In one of Sanquan's factories, 5,000 workers pump out 100,000 dumplings an hour. That's 400 tons of dumplings every day. Sanquan and its chief rival Synear, also headquartered in Zhengzhou, control two-thirds of the country's frozen food market. The size of the industry has boomed, Twilley tells us, as the number of urban Chinese households with a refrigerator went from the single digits in the mid-1990s to 95 percent now.

And like everything else multiplied by the size of the Chinese population and the growth of its economy, the numbers get staggering quickly. "China had 250 million cubic feet of refrigerated storage capacity in 2007; by 2017, the country is on track to have 20 times that," she writes. "At five billion cubic feet, China will surpass even the United States, which has led the world in cold storage ever since artificial refrigeration was invented." Per capita, that would still only be one-third of the refrigerated space that we have available in the United States.

Why does that matter? Cooling uses 15 percent of the world's electricity. And electricity, especially in China, runs on coal, which is the dirtiest fossil fuel. And when the gases used in refrigerators leak, they are a more potent greenhouse gases than carbon dioxide.

A larger Chinese "cold chain," as refrigerated systems are known in the industry, will change what China eats, and the profile of its energy usage. "Of all the shifts in lifestyle that threaten the planet right now," Twilley concludes, "perhaps not one is as important as the changing way that Chinese people eat."

The epicenter for that change might just be Zhengzhou, which I've marked on a map here. It's a city that a vanishingly small number of Americans could spot on a map in a region of China far from Beijing, Shanghai, and the coastal images of urban china we know. (The map software itself declined to label the city at any zoom scale.)

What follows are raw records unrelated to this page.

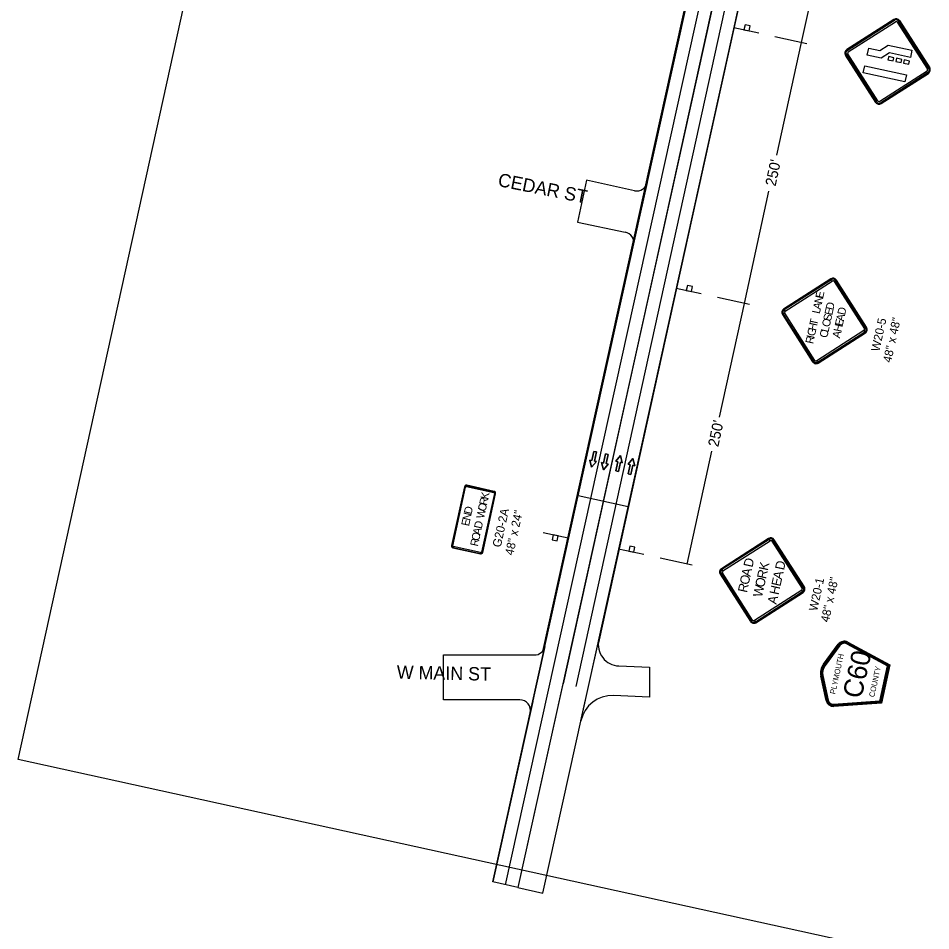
# Model space of a CAD drawing. Extents: x 14104283 to 14121738, y 8635219 to 8671666.
# Drawn here: x 14106925 to 14107780, y 8637146 to 8638001 of the extents above; entities that cross this region are included whole.
import ezdxf

# ---------------------------------------------------------------- set-up
doc = ezdxf.new("R2010")
doc.units = 0
for name, color, linetype in [('Cell', 7, 'Continuous'), ('Default', 7, 'Continuous'), ('dsnNonPlotable', 7, 'Continuous'), ('dsnPaintExistingBrokenLaneLineWhite', 7, 'Continuous'), ('dsnPaintExistingDoubleCenterYellow', 7, 'Continuous'), ('dsnPaintExistingEdgeLineRightWhite', 7, 'Continuous'), ('dsnStdLabel', 7, 'Continuous'), ('dsnTextOverlapOdd', 7, 'Continuous'), ('Sign', 7, 'Continuous')]:
    doc.layers.add(name, color=color, linetype=linetype)

msp = doc.modelspace()

# ---------------------------------------------------------------- linework, layer by layer
at = {"layer": 'Cell'}
for p, q in [((14107745.09, 8637999.71), (14107700.87, 8637971.42)), ((14107700.87, 8637971.42), (14107745.09, 8637999.71)), ((14107745.6, 8637998.92), (14107701.37, 8637970.63)), ((14107777.78, 8637953.84), (14107749.48, 8637998.07)), ((14107778.57, 8637954.35), (14107750.27, 8637998.57)), ((14107750.27, 8637998.57), (14107778.57, 8637954.35)), ((14107618.57, 8637986.78), (14107595.13, 8637991.93)), ((14107702.22, 8637969.31), (14107746.44, 8637997.61)), ((14107748.17, 8637997.23), (14107776.46, 8637953)), ((14107699.73, 8637966.24), (14107728.02, 8637922.01)), ((14107728.02, 8637922.01), (14107699.73, 8637966.24)), ((14107700.52, 8637966.74), (14107728.81, 8637922.52)), ((14107700.87, 8637971.42), (14107700.87, 8637971.42)), ((14107730.13, 8637923.36), (14107701.84, 8637967.59)), ((14107702.22, 8637969.31), (14107702.21, 8637969.31)), ((14107776.08, 8637951.28), (14107731.86, 8637922.98)), ((14107732.7, 8637921.67), (14107776.92, 8637949.96)), ((14107733.2, 8637920.88), (14107777.43, 8637949.17)), ((14107777.43, 8637949.17), (14107733.2, 8637920.88)), ((14107686.03, 8637756.73), (14107641.8, 8637728.43)), ((14107686.53, 8637755.94), (14107687.37, 8637754.62)), ((14107689.1, 8637754.24), (14107690.42, 8637755.08)), ((14107719.5, 8637711.36), (14107691.21, 8637755.59)), ((14107564.62, 8637742.67), (14107541.18, 8637747.82)), ((14107641.45, 8637723.76), (14107642.77, 8637724.6)), ((14107643.15, 8637726.33), (14107642.31, 8637727.64)), ((14107640.66, 8637723.25), (14107668.96, 8637679.03)), ((14107717.01, 8637708.29), (14107717.86, 8637706.97)), ((14107718.71, 8637710.86), (14107717.39, 8637710.02)), ((14107674.14, 8637677.89), (14107718.36, 8637706.18)), ((14107671.06, 8637680.38), (14107669.75, 8637679.53)), ((14107673.63, 8637678.68), (14107672.79, 8637680)), ((14107342.77, 8637561.94), (14107330.7, 8637507)), ((14107344.74, 8637562.15), (14107344.9, 8637562.92)), ((14107370.64, 8637557.74), (14107345, 8637563.37)), ((14107343.23, 8637561.84), (14107343.99, 8637561.68)), ((14107360, 8637500.57), (14107372.07, 8637555.51)), ((14107370.54, 8637557.28), (14107370.37, 8637556.52)), ((14107370.85, 8637555.78), (14107371.61, 8637555.61)), ((14107416.71, 8637519.21), (14107440.15, 8637514.06)), ((14107627.73, 8637513.57), (14107583.51, 8637485.28)), ((14107628.24, 8637512.78), (14107629.08, 8637511.46)), ((14107630.81, 8637511.09), (14107632.12, 8637511.93)), ((14107661.21, 8637468.21), (14107632.91, 8637512.43)), ((14107331.92, 8637506.74), (14107331.16, 8637506.9)), ((14107332.13, 8637504.77), (14107357.77, 8637499.14)), ((14107332.23, 8637505.23), (14107332.4, 8637505.99)), ((14107510.73, 8637498.55), (14107487.29, 8637503.7)), ((14107358.04, 8637500.36), (14107357.87, 8637499.6)), ((14107359.54, 8637500.67), (14107358.78, 8637500.84)), ((14107582.37, 8637480.1), (14107610.67, 8637435.87)), ((14107583.16, 8637480.6), (14107584.48, 8637481.44)), ((14107584.86, 8637483.17), (14107584.02, 8637484.49)), ((14107615.85, 8637434.73), (14107660.07, 8637463.03)), ((14107658.72, 8637465.13), (14107659.56, 8637463.82)), ((14107660.42, 8637467.7), (14107659.1, 8637466.86)), ((14107612.77, 8637437.22), (14107611.46, 8637436.38)), ((14107615.34, 8637435.53), (14107614.5, 8637436.84))]:
    msp.add_line(p, q, dxfattribs=at)
for points in [[(14107701.37, 8637970.63), (14107745.6, 8637998.92)], [(14107749.48, 8637998.07), (14107777.78, 8637953.84)], [(14107604.57, 8637989.94), (14107609.37, 8637988.89), (14107610.42, 8637993.68), (14107605.62, 8637994.74), (14107604.57, 8637989.94)], [(14107702.21, 8637969.31), (14107746.44, 8637997.61)], [(14107748.17, 8637997.23), (14107776.46, 8637953)], [(14107728.81, 8637922.52), (14107700.52, 8637966.74)], [(14107730.13, 8637923.36), (14107701.84, 8637967.59)], [(14107776.08, 8637951.28), (14107731.86, 8637922.98)], [(14107776.92, 8637949.96), (14107732.7, 8637921.67)], [(14107550.62, 8637745.83), (14107555.41, 8637744.78), (14107556.46, 8637749.57), (14107551.67, 8637750.63), (14107550.62, 8637745.83)], [(14107462.11, 8637586.65), (14107460.28, 8637587.05), (14107462, 8637580.28), (14107466.38, 8637585.72), (14107464.55, 8637586.12), (14107466.42, 8637594.67), (14107463.97, 8637595.2), (14107462.11, 8637586.65)], [(14107473.17, 8637584.22), (14107471.34, 8637584.62), (14107473.06, 8637577.85), (14107477.44, 8637583.29), (14107475.61, 8637583.69), (14107477.48, 8637592.24), (14107475.04, 8637592.77), (14107473.17, 8637584.22)], [(14107488.87, 8637584.97), (14107490.7, 8637584.57), (14107488.98, 8637591.35), (14107484.6, 8637585.91), (14107486.43, 8637585.51), (14107484.56, 8637576.96), (14107487.01, 8637576.43), (14107488.87, 8637584.97)], [(14107500.51, 8637582.16), (14107502.34, 8637581.76), (14107500.62, 8637588.53), (14107496.23, 8637583.09), (14107498.06, 8637582.69), (14107496.2, 8637574.14), (14107498.64, 8637573.61), (14107500.51, 8637582.16)], [(14107430.72, 8637516.05), (14107425.92, 8637517.1), (14107424.87, 8637512.3), (14107429.66, 8637511.25), (14107430.72, 8637516.05)], [(14107496.73, 8637501.71), (14107501.52, 8637500.66), (14107502.58, 8637505.45), (14107497.78, 8637506.51), (14107496.73, 8637501.71)]]:
    msp.add_lwpolyline(points, dxfattribs=at)
for points in [[(14107604.57, 8637989.94), (14107609.37, 8637988.89), (14107610.42, 8637993.68), (14107605.62, 8637994.74)], [(14107731.77, 8637970.62), (14107739.66, 8637975.67), (14107761.93, 8637970.78), (14107760.48, 8637964.18), (14107740.95, 8637968.48), (14107733.05, 8637963.43), (14107719.99, 8637966.29), (14107721.44, 8637972.89)], [(14107740.17, 8637964.93), (14107739.52, 8637962), (14107744.41, 8637960.93), (14107745.05, 8637963.86)], [(14107717.82, 8637956.4), (14107756.89, 8637947.82), (14107755.44, 8637941.23), (14107716.37, 8637949.81)], [(14107747.49, 8637963.32), (14107746.85, 8637960.39), (14107751.73, 8637959.32), (14107752.38, 8637962.25)], [(14107754.82, 8637961.72), (14107754.17, 8637958.78), (14107759.06, 8637957.71), (14107759.7, 8637960.64)], [(14107550.62, 8637745.83), (14107555.41, 8637744.78), (14107556.46, 8637749.57), (14107551.67, 8637750.63)], [(14107686.53, 8637755.94), (14107642.31, 8637727.64), (14107643.15, 8637726.33), (14107687.37, 8637754.62), (14107686.53, 8637755.94)], [(14107718.71, 8637710.86), (14107690.42, 8637755.08), (14107689.1, 8637754.24), (14107717.39, 8637710.02), (14107718.71, 8637710.86)], [(14107641.45, 8637723.76), (14107669.75, 8637679.53), (14107671.06, 8637680.38), (14107642.77, 8637724.6), (14107641.45, 8637723.76)], [(14107673.63, 8637678.68), (14107717.86, 8637706.97), (14107717.01, 8637708.29), (14107672.79, 8637680), (14107673.63, 8637678.68)], [(14107463.97, 8637595.2), (14107466.42, 8637594.67), (14107464.55, 8637586.12), (14107466.38, 8637585.72), (14107462, 8637580.28), (14107460.28, 8637587.05), (14107462.11, 8637586.65)], [(14107475.04, 8637592.77), (14107477.48, 8637592.24), (14107475.61, 8637583.69), (14107477.44, 8637583.29), (14107473.06, 8637577.85), (14107471.34, 8637584.62), (14107473.17, 8637584.22)], [(14107487.01, 8637576.43), (14107484.56, 8637576.96), (14107486.43, 8637585.51), (14107484.6, 8637585.91), (14107488.98, 8637591.35), (14107490.7, 8637584.57), (14107488.87, 8637584.97)], [(14107498.64, 8637573.61), (14107496.2, 8637574.14), (14107498.06, 8637582.69), (14107496.23, 8637583.09), (14107500.62, 8637588.53), (14107502.34, 8637581.76), (14107500.51, 8637582.16)], [(14107370.54, 8637557.28), (14107344.9, 8637562.92), (14107344.74, 8637562.15), (14107370.37, 8637556.52), (14107370.54, 8637557.28)], [(14107343.23, 8637561.84), (14107331.16, 8637506.9), (14107331.92, 8637506.74), (14107343.99, 8637561.68), (14107343.23, 8637561.84)], [(14107359.54, 8637500.67), (14107371.61, 8637555.61), (14107370.85, 8637555.78), (14107358.78, 8637500.84), (14107359.54, 8637500.67)], [(14107430.72, 8637516.05), (14107425.92, 8637517.1), (14107424.87, 8637512.3), (14107429.66, 8637511.25)], [(14107628.24, 8637512.78), (14107584.02, 8637484.49), (14107584.86, 8637483.17), (14107629.08, 8637511.46), (14107628.24, 8637512.78)], [(14107660.42, 8637467.7), (14107632.12, 8637511.93), (14107630.81, 8637511.09), (14107659.1, 8637466.86), (14107660.42, 8637467.7)], [(14107332.23, 8637505.23), (14107357.87, 8637499.6), (14107358.04, 8637500.36), (14107332.4, 8637505.99), (14107332.23, 8637505.23)], [(14107496.73, 8637501.71), (14107501.52, 8637500.66), (14107502.58, 8637505.45), (14107497.78, 8637506.51)], [(14107583.16, 8637480.6), (14107611.46, 8637436.38), (14107612.77, 8637437.22), (14107584.48, 8637481.44), (14107583.16, 8637480.6)], [(14107615.34, 8637435.53), (14107659.56, 8637463.82), (14107658.72, 8637465.13), (14107614.5, 8637436.84), (14107615.34, 8637435.53)]]:
    msp.add_lwpolyline(points, close=True, dxfattribs=at)
for centre, radius, start, end in [((14107747.11, 8637996.55), 3.75, 32.61038, 122.61001), ((14107747.11, 8637996.55), 3.75, 32.61038, 122.61001), ((14107747.11, 8637996.55), 2.81, 32.61038, 122.61001), ((14107747.11, 8637996.55), 2.81, 32.61038, 122.61001), ((14107747.11, 8637996.55), 1.25, 32.61038, 122.61001), ((14107747.11, 8637996.55), 1.25, 32.61038, 122.61001), ((14107702.89, 8637968.26), 3.75, 122.6102, 212.60995), ((14107702.89, 8637968.26), 3.75, 122.6102, 212.60995), ((14107702.89, 8637968.26), 2.81, 122.6102, 212.60995), ((14107702.89, 8637968.26), 2.81, 122.6102, 212.60995), ((14107702.89, 8637968.26), 1.25, 122.6102, 212.60995), ((14107702.89, 8637968.26), 1.25, 122.6102, 212.60995), ((14107775.41, 8637952.33), 1.25, 302.61016, 32.61038), ((14107775.41, 8637952.33), 1.25, 302.61016, 32.61038), ((14107775.41, 8637952.33), 2.81, 302.61016, 32.61038), ((14107775.41, 8637952.33), 2.81, 302.61016, 32.61038), ((14107775.41, 8637952.33), 3.75, 302.61016, 32.61038), ((14107775.41, 8637952.33), 3.75, 302.61016, 32.61038), ((14107731.18, 8637924.03), 3.75, 212.60995, 302.61016), ((14107731.18, 8637924.03), 3.75, 212.60995, 302.61016), ((14107731.18, 8637924.03), 2.81, 212.60995, 302.61016), ((14107731.18, 8637924.03), 2.81, 212.60995, 302.61016), ((14107731.18, 8637924.03), 1.25, 212.60995, 302.61016), ((14107731.18, 8637924.03), 1.25, 212.60995, 302.61016), ((14107688.05, 8637753.57), 3.75, 32.61038, 122.61001), ((14107688.05, 8637753.57), 2.81, 32.61038, 122.61001), ((14107688.05, 8637753.57), 1.25, 32.61038, 122.61001), ((14107643.82, 8637725.27), 3.75, 122.6102, 212.60995), ((14107643.82, 8637725.27), 2.81, 122.6102, 212.60995), ((14107643.82, 8637725.27), 1.25, 122.6102, 212.60995), ((14107716.34, 8637709.34), 1.25, 302.61016, 32.61038), ((14107716.34, 8637709.34), 2.81, 302.61016, 32.61038), ((14107716.34, 8637709.34), 3.75, 302.61016, 32.61038), ((14107672.12, 8637681.05), 3.75, 212.60995, 302.61016), ((14107672.12, 8637681.05), 2.81, 212.60995, 302.61016), ((14107672.12, 8637681.05), 1.25, 212.60995, 302.61016), ((14107344.6, 8637561.54), 1.87, 77.61021, 167.61042), ((14107344.6, 8637561.54), 1.41, 77.61021, 167.61042), ((14107344.6, 8637561.54), 0.625, 77.61021, 167.61042), ((14107370.24, 8637555.91), 0.625, 347.61027, 77.61048), ((14107370.24, 8637555.91), 1.41, 347.61027, 77.61048), ((14107370.24, 8637555.91), 1.87, 347.61027, 77.61048), ((14107629.75, 8637510.41), 3.75, 32.61038, 122.61001), ((14107629.75, 8637510.41), 2.81, 32.61038, 122.61001), ((14107629.75, 8637510.41), 1.25, 32.61038, 122.61001), ((14107332.53, 8637506.6), 1.87, 167.61042, 257.61006), ((14107332.53, 8637506.6), 1.41, 167.61042, 257.61006), ((14107332.53, 8637506.6), 0.625, 167.61042, 257.61006), ((14107358.17, 8637500.97), 1.87, 257.61006, 347.61027), ((14107358.17, 8637500.97), 1.41, 257.61006, 347.61027), ((14107358.17, 8637500.97), 0.625, 257.61006, 347.61027), ((14107585.53, 8637482.12), 3.75, 122.6102, 212.60995), ((14107585.53, 8637482.12), 2.81, 122.6102, 212.60995), ((14107585.53, 8637482.12), 1.25, 122.6102, 212.60995), ((14107658.05, 8637466.19), 3.75, 302.61016, 32.61038), ((14107658.05, 8637466.19), 1.25, 302.61016, 32.61038), ((14107658.05, 8637466.19), 2.81, 302.61016, 32.61038), ((14107613.82, 8637437.89), 3.75, 212.60995, 302.61016), ((14107613.82, 8637437.89), 2.81, 212.60995, 302.61016), ((14107613.82, 8637437.89), 1.25, 212.60995, 302.61016)]:
    msp.add_arc(centre, radius, start, end, dxfattribs=at)
at = {"layer": 'Default'}
for p, q in [((14107457.32, 8637849.19), (14107448.62, 8637809.68)), ((14107502.22, 8637839.3), (14107457.32, 8637849.19)), ((14107501.26, 8637788.6), (14107514.14, 8637846.91)), ((14107448.62, 8637809.68), (14107493.49, 8637800.56)), ((14107451.98, 8637342.9), (14107468.68, 8637418.51)), ((14107418.16, 8637412.31), (14107404.47, 8637350.31)), ((14107323.16, 8637404.47), (14107408.39, 8637404.47)), ((14107323.16, 8637362.47), (14107323.16, 8637404.47)), ((14107487.45, 8637394.21), (14107516.02, 8637393.12)), ((14107516.02, 8637393.12), (14107516.02, 8637365.12)), ((14107516.02, 8637365.12), (14107482.42, 8637366.4)), ((14107394.7, 8637362.47), (14107323.16, 8637362.47))]:
    msp.add_line(p, q, dxfattribs=at)
for points in [[(14107392.92, 8637186.73), (14107369.48, 8637191.91), (14107655.09, 8638485.14), (14107678.52, 8638479.96)], [(14107602.34, 8638246.31), (14107649.23, 8638236.01), (14107496.22, 8637543.21), (14107449.34, 8637553.51)], [(14107416.35, 8637181.55), (14107649.12, 8638235.55), (14107625.69, 8638240.73), (14107392.92, 8637186.73)]]:
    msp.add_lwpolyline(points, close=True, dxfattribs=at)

Where Zhengzhou is (Map tiles by Stamen Design, under CC BY 3.0. Data by OpenStreetMap, under CC BY SA.)

And what looks like industrial change happening in this place will have lasting repercussions that extend far beyond the technical domain to the cultural one. When refrigeration comes to a place, the definition of freshness changes. The biological reality of seasonality can be suspended at will.

"I met with plant scientists at the Beijing Vegetable Research Center who are selecting and optimizing the varieties of popular Chinese greens that stand up best to cold storage," she writes. "If they are successful, the incredible regional variety and specificity of Chinese fruits and vegetables may soon resemble the homogeneous American produce aisle, which is often limited to three tomato varieties and five types of apple for sale, all hardy (and flavorless) enough to endure lengthy journeys and storage under refrigeration."

What's fascinating about freezing things is that refrigerators are time machines: They allow organisms from our present to be travel into the future without changing in natural ways. Cold slows biological time. That's why bacteria can't grow as well in a fridge. That's why women freeze their eggs. Cold is our weapon against life's inexorable clock. 

And yet the more stuff we freeze, the more time we control, the faster we push the planet's biosphere into disarray through climate change. What we can arrest now, at the cellular level, generates problems at scales unimaginably larger than microbes or embryos.